RECORDS FOR THE TASK section start

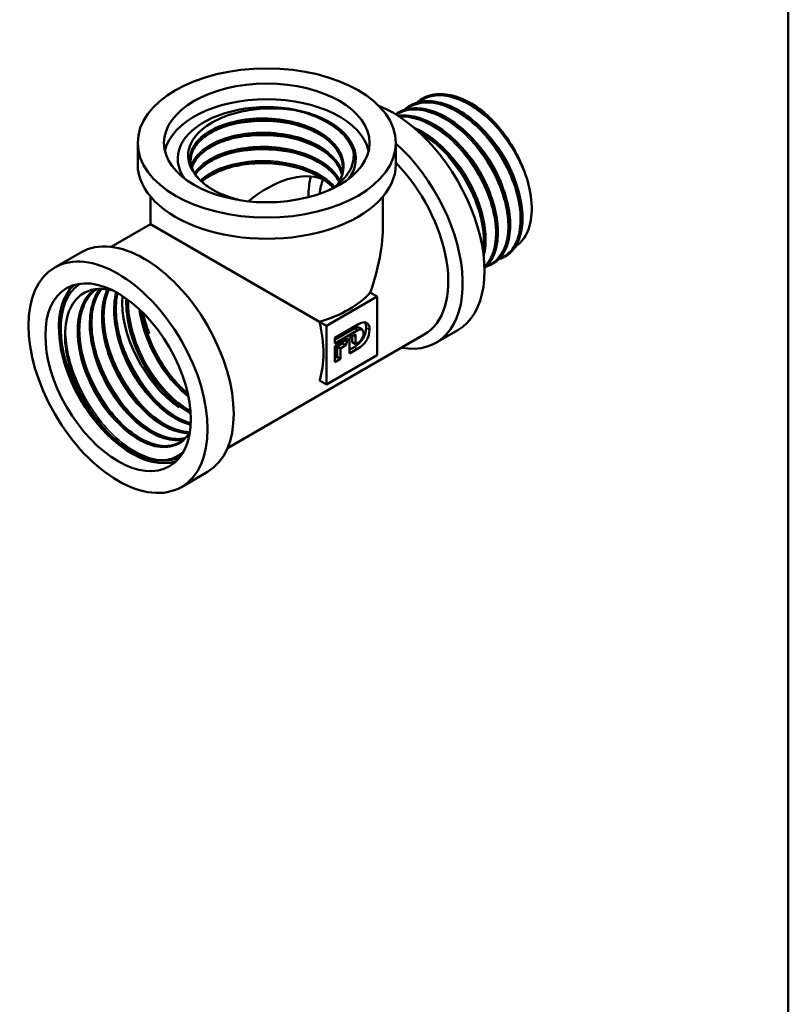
# Model space of a CAD drawing. Header units: millimetres. Extents: x -71 to 688, y -69 to 356.
# Tile 8 of 20: x 125 to 205, y 62 to 165. Entities that reach past the tile are written whole.
import ezdxf

# ---------------------------------------------------------------- set-up
doc = ezdxf.new("R2010")
doc.units = ezdxf.units.MM
for name, color, linetype, lineweight in [('Видимые тонкие (ГОСТ)', 7, 'Continuous', 35), ('Видимый контур (ГОСТ)', 7, 'Continuous', 50), ('Кромка (ГОСТ)', 7, 'Continuous', 50)]:
    doc.layers.add(name, color=color, linetype=linetype, lineweight=lineweight)

# ---------------------------------------------------------------- blocks, each defined once
blk = doc.blocks.new('Рамки ГОСТ_ граница 297x210')
at = {"layer": 'Кромка (ГОСТ)'}
blk.add_line((205, 5), (205, 292), dxfattribs=at)

msp = doc.modelspace()

# ---------------------------------------------------------------- linework, layer by layer
at = {"layer": 'Видимые тонкие (ГОСТ)'}
for p, q in [((159.9722, 132.8106), (159.6186, 133.0148)), ((161.2034, 132.8706), (160.8498, 133.0748)), ((159.9502, 130.8591), (159.5966, 131.0633))]:
    msp.add_line(p, q, dxfattribs=at)
for points, knots in [([(174.7853, 140.3358), (175.2888, 140.5204), (175.7258, 140.836), (176.0696, 141.2761), (176.9136, 142.3562), (177.1857, 144.1734), (176.798, 146.2265), (176.4105, 148.279), (175.3673, 150.5437), (173.9371, 152.3986), (172.5073, 154.253), (170.7063, 155.6766), (169.0078, 156.2754), (167.4646, 156.8196), (166.0213, 156.6771), (164.9879, 155.8891)], [13.25779736, 13.25779736, 13.25779736, 13.25779736, 13.57084521, 13.57084521, 13.57084521, 14.3392778, 14.3392778, 14.3392778, 15.10746841, 15.10746841, 15.10746841, 15.87542285, 15.87542285, 15.87542285, 16.57318501, 16.57318501, 16.57318501, 16.57318501]), ([(177.8356, 148.0126), (177.2396, 150.1251), (176.0082, 152.341), (174.4627, 154.0483), (172.9177, 155.755), (171.0758, 156.9338), (169.4241, 157.2555), (168.2119, 157.4915), (167.112, 157.2637), (166.2741, 156.6269)], [8.18454898, 8.18454898, 8.18454898, 8.18454898, 8.95483991, 8.95483991, 8.95483991, 9.72484761, 9.72484761, 9.72484761, 10.28999971, 10.28999971, 10.28999971, 10.28999971]), ([(152.8222, 155.9104), (155.1227, 155.4969), (157.1622, 154.547), (158.38, 153.3054), (158.9362, 152.7383), (159.318, 152.1131), (159.5154, 151.4682)], [2.61572767, 2.61572767, 2.61572767, 2.61572767, 3.38993598, 3.38993598, 3.38993598, 3.74355173, 3.74355173, 3.74355173, 3.74355173]), ([(173.5029, 139.591), (173.7781, 139.6909), (174.0331, 139.8306), (174.2631, 140.01), (175.2954, 140.8151), (175.8141, 142.4107), (175.665, 144.3578), (175.5159, 146.3044), (174.7005, 148.5801), (173.4247, 150.5624), (172.1493, 152.5443), (170.4275, 154.2105), (168.7097, 155.1033), (166.9585, 156.0135), (165.2318, 156.1066), (163.9966, 155.3504)], [19.54098266, 19.54098266, 19.54098266, 19.54098266, 19.71185461, 19.71185461, 19.71185461, 20.47851308, 20.47851308, 20.47851308, 21.24497559, 21.24497559, 21.24497559, 22.01124781, 22.01124781, 22.01124781, 22.79247201, 22.79247201, 22.79247201, 22.79247201]), ([(142.669, 149.5585), (142.1118, 150.6953), (142.4319, 151.9595), (143.5358, 152.9627), (144.6387, 153.9651), (146.5091, 154.6929), (148.601, 154.9155), (150.691, 155.1378), (152.9745, 154.852), (154.7859, 154.1231), (156.5957, 153.3947), (157.9105, 152.2328), (158.3476, 150.9571), (158.6732, 150.007), (158.5088, 149.0027), (157.9079, 148.1016)], [0.52343247, 0.52343247, 0.52343247, 0.52343247, 1.32414183, 1.32414183, 1.32414183, 2.12409381, 2.12409381, 2.12409381, 2.92331604, 2.92331604, 2.92331604, 3.72183587, 3.72183587, 3.72183587, 4.31656887, 4.31656887, 4.31656887, 4.31656887]), ([(146.5309, 154.2622), (148.1772, 154.6587), (150.051, 154.7753), (151.8478, 154.5704), (152.4819, 154.498), (153.1044, 154.3858), (153.7036, 154.2378)], [8.199724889, 8.199724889, 8.199724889, 8.199724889, 8.790939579, 8.790939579, 8.790939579, 8.999576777, 8.999576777, 8.999576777, 8.999576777]), ([(173.2134, 139.4775), (173.9673, 140.2177), (174.3984, 141.4255), (174.4068, 142.9027), (174.4174, 144.7702), (173.7516, 147.0466), (172.5769, 149.1022), (171.403, 151.1561), (169.7339, 152.9658), (168.0101, 154.0296), (166.7537, 154.805), (165.4783, 155.1776), (164.3643, 155.1118)], [26.05595739, 26.05595739, 26.05595739, 26.05595739, 26.66587601, 26.66587601, 26.66587601, 27.4369782, 27.4369782, 27.4369782, 28.20748677, 28.20748677, 28.20748677, 28.76907191, 28.76907191, 28.76907191, 28.76907191]), ([(142.5517, 150.0657), (142.7815, 150.7053), (143.2638, 151.3164), (143.9714, 151.8345), (145.2405, 152.7638), (147.2179, 153.3812), (149.333, 153.4903), (151.4467, 153.5994), (153.6707, 153.1988), (155.3639, 152.3859), (156.9299, 151.6341), (158.0232, 150.5379), (158.3838, 149.3602)], [7.2617005, 7.2617005, 7.2617005, 7.2617005, 7.70483989, 7.70483989, 7.70483989, 8.49970682, 8.49970682, 8.49970682, 9.29405658, 9.29405658, 9.29405658, 10.02874061, 10.02874061, 10.02874061, 10.02874061]), ([(173.0528, 141.1842), (173.0562, 141.208), (173.0595, 141.2319), (173.0627, 141.2558), (173.2881, 142.9639), (172.8523, 145.1717), (171.859, 147.2744), (170.8661, 149.3759), (169.3269, 151.3485), (167.6428, 152.6513), (167.2621, 152.9457), (166.875, 153.2052), (166.4869, 153.4277)], [32.80863804, 32.80863804, 32.80863804, 32.80863804, 32.8194038, 32.8194038, 32.8194038, 33.58641938, 33.58641938, 33.58641938, 34.3530287, 34.3530287, 34.3530287, 34.52630572, 34.52630572, 34.52630572, 34.52630572]), ([(176.7352, 147.4943), (176.4878, 148.503), (176.0787, 149.5529), (175.5294, 150.5521), (174.8782, 151.7365), (174.035, 152.8396), (173.1067, 153.7362)], [8.126679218, 8.126679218, 8.126679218, 8.126679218, 8.552488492, 8.552488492, 8.552488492, 9.057256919, 9.057256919, 9.057256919, 9.057256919]), ([(146.5329, 152.7771), (147.8534, 153.0966), (149.3181, 153.2395), (150.7756, 153.1729), (151.7756, 153.1273), (152.7672, 152.9833), (153.7028, 152.7533)], [14.482910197, 14.482910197, 14.482910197, 14.482910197, 14.957303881, 14.957303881, 14.957303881, 15.282762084, 15.282762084, 15.282762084, 15.282762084]), ([(175.4502, 146.7589), (175.1572, 147.944), (174.6402, 149.1861), (173.9421, 150.3347), (173.341, 151.3237), (172.6096, 152.2364), (171.8168, 152.9995)], [14.410793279, 14.410793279, 14.410793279, 14.410793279, 14.910878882, 14.910878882, 14.910878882, 15.341483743, 15.341483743, 15.341483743, 15.341483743]), ([(142.8909, 149.2484), (143.2504, 149.7864), (143.797, 150.285), (144.5046, 150.7014), (145.9513, 151.5525), (148.0517, 152.0478), (150.1951, 152.025), (152.335, 152.0022), (154.4899, 151.4626), (156.0352, 150.5443), (156.983, 149.981), (157.694, 149.2795), (158.1067, 148.5215)], [13.70185937, 13.70185937, 13.70185937, 13.70185937, 14.0922034, 14.0922034, 14.0922034, 14.89028075, 14.89028075, 14.89028075, 15.68706878, 15.68706878, 15.68706878, 16.17580232, 16.17580232, 16.17580232, 16.17580232]), ([(146.5333, 151.2947), (147.5029, 151.5311), (148.55, 151.6722), (149.6176, 151.701), (150.9989, 151.7382), (152.4052, 151.5869), (153.7036, 151.2704)], [20.766095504, 20.766095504, 20.766095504, 20.766095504, 21.114799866, 21.114799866, 21.114799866, 21.565947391, 21.565947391, 21.565947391, 21.565947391]), ([(172.8859, 145.2753), (172.4702, 146.9537), (171.5867, 148.7467), (170.4189, 150.2284), (170.0526, 150.6932), (169.6595, 151.1257), (169.2498, 151.5177)], [26.977163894, 26.977163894, 26.977163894, 26.977163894, 27.685609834, 27.685609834, 27.685609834, 27.907854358, 27.907854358, 27.907854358, 27.907854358]), ([(174.1679, 146.0169), (173.8101, 147.4575), (173.1161, 148.9831), (172.1831, 150.3222), (171.6879, 151.033), (171.1279, 151.6874), (170.5332, 152.2577)], [20.693978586, 20.693978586, 20.693978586, 20.693978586, 21.301964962, 21.301964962, 21.301964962, 21.624669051, 21.624669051, 21.624669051, 21.624669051]), ([(143.5137, 148.4862), (143.9109, 148.8552), (144.4052, 149.1911), (144.9831, 149.4765), (146.5516, 150.2511), (148.7148, 150.6426), (150.8483, 150.5199), (152.9766, 150.3976), (155.0482, 149.7644), (156.4676, 148.7845), (156.8901, 148.4928), (157.2532, 148.1715), (157.5512, 147.8299)], [20.16673964, 20.16673964, 20.16673964, 20.16673964, 20.45959084, 20.45959084, 20.45959084, 21.25451844, 21.25451844, 21.25451844, 22.04751755, 22.04751755, 22.04751755, 22.2835517, 22.2835517, 22.2835517, 22.2835517]), ([(142.3838, 122.0495), (142.3751, 122.0349), (142.3663, 122.0204), (142.3575, 122.006), (141.6141, 120.7984), (140.2839, 120.3086), (138.7425, 120.6779), (137.2015, 121.047), (135.4673, 122.2707), (134.0248, 124.025), (132.5827, 125.7788), (131.449, 128.0432), (130.9452, 130.2122), (130.4416, 132.3805), (130.5738, 134.4293), (131.32, 135.8112), (131.6039, 136.3369), (131.9755, 136.7639), (132.4155, 137.0822)], [2.05771966, 2.05771966, 2.05771966, 2.05771966, 2.06689169, 2.06689169, 2.06689169, 2.83588945, 2.83588945, 2.83588945, 3.60463442, 3.60463442, 3.60463442, 4.37313245, 4.37313245, 4.37313245, 5.14138937, 5.14138937, 5.14138937, 5.43367134, 5.43367134, 5.43367134, 5.43367134]), ([(141.7444, 121.3702), (141.4576, 121.3044), (141.153, 121.2779), (140.8341, 121.293), (139.3821, 121.3619), (137.6505, 122.2935), (136.1213, 123.8441), (134.5924, 125.3942), (133.2835, 127.546), (132.562, 129.7263), (131.8408, 131.9059), (131.7154, 134.09), (132.2336, 135.6967), (132.4123, 136.2507), (132.6668, 136.7339), (132.985, 137.1356)], [8.81080578, 8.81080578, 8.81080578, 8.81080578, 8.97926013, 8.97926013, 8.97926013, 9.74619184, 9.74619184, 9.74619184, 10.51292275, 10.51292275, 10.51292275, 11.27945857, 11.27945857, 11.27945857, 11.5437266, 11.5437266, 11.5437266, 11.5437266]), ([(142.3202, 122.0245), (141.0194, 122.0179), (139.4685, 122.715), (138.0298, 123.9782), (136.4444, 125.3703), (135.014, 127.4341), (134.1441, 129.6137), (133.2748, 131.7916), (132.9755, 134.0605), (133.3422, 135.8092), (133.4398, 136.2747), (133.5843, 136.702), (133.7708, 137.085)], [15.22448055, 15.22448055, 15.22448055, 15.22448055, 15.92478855, 15.92478855, 15.92478855, 16.69651531, 16.69651531, 16.69651531, 17.4676279, 17.4676279, 17.4676279, 17.67292488, 17.67292488, 17.67292488, 17.67292488]), ([(142.4796, 122.9096), (141.7065, 123.108), (140.8884, 123.5054), (140.0833, 124.0883), (138.4745, 125.2531), (136.9363, 127.146), (135.899, 129.2629), (134.8622, 131.3785), (134.338, 133.6945), (134.482, 135.5927), (134.5143, 136.0194), (134.5804, 136.4239), (134.6778, 136.8019)], [21.69865327, 21.69865327, 21.69865327, 21.69865327, 22.08274672, 22.08274672, 22.08274672, 22.8502269, 22.8502269, 22.8502269, 23.61728143, 23.61728143, 23.61728143, 23.78969575, 23.78969575, 23.78969575, 23.78969575]), ([(142.482, 124.1292), (142.3043, 124.2194), (142.1258, 124.3192), (141.9472, 124.4284), (140.3279, 125.4192), (138.7166, 127.182), (137.5653, 129.246), (136.4155, 131.3073), (135.738, 133.646), (135.7305, 135.6363), (135.7299, 135.8062), (135.7341, 135.9733), (135.7431, 136.1375)], [28.18736623, 28.18736623, 28.18736623, 28.18736623, 28.27220569, 28.27220569, 28.27220569, 29.04137705, 29.04137705, 29.04137705, 29.80955607, 29.80955607, 29.80955607, 29.87510711, 29.87510711, 29.87510711, 29.87510711]), ([(142.262, 125.8427), (141.2474, 126.6526), (140.2706, 127.7303), (139.452, 128.9704), (138.2268, 130.8266), (137.3697, 133.0267), (137.0983, 135.0342)], [34.70784098, 34.70784098, 34.70784098, 34.70784098, 35.19581123, 35.19581123, 35.19581123, 35.92619986, 35.92619986, 35.92619986, 35.92619986]), ([(139.848, 119.2498), (138.2966, 119.1874), (136.4102, 120.0447), (134.6873, 121.6087), (132.9651, 123.1721), (131.4242, 125.426), (130.4741, 127.7981), (129.7604, 129.58), (129.3859, 131.4152), (129.3941, 133.0378)], [2.6391239, 2.6391239, 2.6391239, 2.6391239, 3.38614627, 3.38614627, 3.38614627, 4.13291924, 4.13291924, 4.13291924, 4.69390987, 4.69390987, 4.69390987, 4.69390987]), ([(139.0785, 125.2337), (138.6886, 125.6387), (138.3113, 126.0766), (137.9529, 126.5429), (136.6565, 128.2297), (135.6197, 130.2725), (135.032, 132.2879)], [28.621685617, 28.621685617, 28.621685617, 28.621685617, 28.796206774, 28.796206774, 28.796206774, 29.427529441, 29.427529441, 29.427529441, 29.427529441]), ([(136.5324, 123.7611), (136.4579, 123.8386), (136.3838, 123.9175), (136.3103, 123.9975), (134.6557, 125.7995), (133.2774, 128.2098), (132.5469, 130.6098), (132.5257, 130.6792), (132.5052, 130.7486), (132.4851, 130.8179)], [16.055315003, 16.055315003, 16.055315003, 16.055315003, 16.088676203, 16.088676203, 16.088676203, 16.839447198, 16.839447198, 16.839447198, 16.861158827, 16.861158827, 16.861158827, 16.861158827]), ([(137.8072, 124.4996), (136.7205, 125.6365), (135.7309, 127.0275), (134.9633, 128.5287), (134.4614, 129.5102), (134.0567, 130.5348), (133.7631, 131.5521)], [22.33850031, 22.33850031, 22.33850031, 22.33850031, 22.825760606, 22.825760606, 22.825760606, 23.144344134, 23.144344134, 23.144344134, 23.144344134]), ([(135.2613, 123.0312), (134.5318, 123.7911), (133.8458, 124.6644), (133.2434, 125.6135), (132.3597, 127.006), (131.6619, 128.553), (131.2166, 130.0833)], [9.772129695, 9.772129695, 9.772129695, 9.772129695, 10.098768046, 10.098768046, 10.098768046, 10.577973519, 10.577973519, 10.577973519, 10.577973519]), ([(136.1259, 120.279), (134.3371, 121.4236), (132.5755, 123.3784), (131.3059, 125.6494), (130.6817, 126.7659), (130.1796, 127.9535), (129.8245, 129.1348)], [3.16688203, 3.16688203, 3.16688203, 3.16688203, 3.9122628, 3.9122628, 3.9122628, 4.27872593, 4.27872593, 4.27872593, 4.27872593])]:
    msp.add_open_spline(points, degree=3, knots=knots, dxfattribs=at)
msp.add_open_spline([(157.0235, 154.5772), (157.9737, 153.9976), (158.7075, 153.2959), (159.1765, 152.5374)], degree=3, dxfattribs=at)
at = {"layer": 'Видимый контур (ГОСТ)'}
for p, q in [((166.6968, 157.0164), (166.7088, 157.0234)), ((164.1284, 155.5336), (164.1405, 155.5405)), ((165.4126, 156.275), (165.4246, 156.282)), ((136.9553, 152.3968), (136.9553, 150.1755)), ((163.9553, 152.3968), (163.9553, 150.1755)), ((138.3053, 146.778), (138.3053, 143.8982)), ((162.6053, 146.778), (162.6053, 143.8982)), ((138.3053, 143.8982), (134.1998, 141.5279)), ((138.3053, 143.8982), (155.9756, 133.6963)), ((131.0069, 140.9546), (128.274, 139.3768)), ((175.3697, 140.5117), (175.3817, 140.5186)), ((174.0855, 139.7703), (174.0975, 139.7772)), ((162.0165, 136.3322), (156.7132, 133.2704)), ((161.2789, 136.7581), (162.0165, 136.3322)), ((162.0165, 130.2085), (162.0165, 136.3322)), ((155.9756, 133.6963), (156.7132, 133.2704)), ((156.7132, 133.2704), (156.7132, 127.1467)), ((157.5594, 132.0395), (159.963, 133.4273)), ((159.6186, 133.0148), (157.5594, 131.8259)), ((159.9722, 132.8106), (157.5594, 131.4176)), ((160.4269, 132.883), (160.0733, 133.0871)), ((170.4282, 132.8263), (168.1509, 131.5115)), ((137.9318, 132.3806), (138.1488, 132.5058)), ((166.9248, 132.3624), (146.3498, 120.4834)), ((157.5594, 131.4176), (157.5594, 132.0395)), ((157.5594, 131.1267), (158.925, 131.9151)), ((158.925, 131.9151), (158.7205, 131.2406)), ((159.1146, 132.0246), (159.724, 132.3764)), ((159.1146, 130.3767), (159.1146, 132.0246)), ((159.3705, 132.1723), (159.3705, 131.5619)), ((159.724, 132.3764), (159.724, 131.3577)), ((157.5594, 129.4788), (157.5594, 131.1267)), ((158.367, 131.4447), (157.815, 131.126)), ((158.1686, 130.9219), (157.815, 131.126)), ((157.815, 131.126), (157.815, 130.0347)), ((158.7205, 131.2406), (158.1686, 130.9219)), ((158.1686, 130.9219), (158.1686, 129.8306)), ((158.4215, 131.6244), (158.367, 131.4447)), ((158.7205, 131.2406), (158.367, 131.4447)), ((159.5966, 131.0633), (159.1146, 130.785)), ((159.9502, 130.8591), (159.1146, 130.3767)), ((159.724, 131.3577), (159.3705, 131.5619)), ((159.724, 131.3577), (159.9722, 131.501)), ((156.7132, 127.1467), (162.0165, 130.2085)), ((157.815, 130.0347), (157.5594, 129.8871)), ((158.1686, 129.8306), (157.5594, 129.4788)), ((158.1686, 129.8306), (157.815, 130.0347)), ((155.9756, 127.5725), (156.7132, 127.1467)), ((144.2569, 118.0049), (141.524, 116.4271))]:
    msp.add_line(p, q, dxfattribs=at)
for centre, major_axis in [((150.4553, 152.3968), (-13.5, 0)), ((150.4553, 152.3968), (-10.75, 0)), ((134.899, 127.9019), (-6.625, 11.4748)), ((134.899, 127.9019), (-5.375, 9.3098))]:
    msp.add_ellipse(centre, major_axis=major_axis, ratio=0.57735027, dxfattribs=at)
for centre, major_axis, start_param, end_param in [((150.4553, 150.7638), (-10.75, 0), 3.27352985, 6.15124811), ((150.4553, 150.7638), (-9.315, 0), 2.73595229, 6.68882567), ((150.4553, 150.7638), (9.315, 0), 5.87754494, 9.83041832), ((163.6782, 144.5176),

RECORDS FOR THE TASK section end

• _THE TASK_
Please state how many lines in the records above hold the word "контур", giving only the number.

• _WRITTEN RESPONSE_
2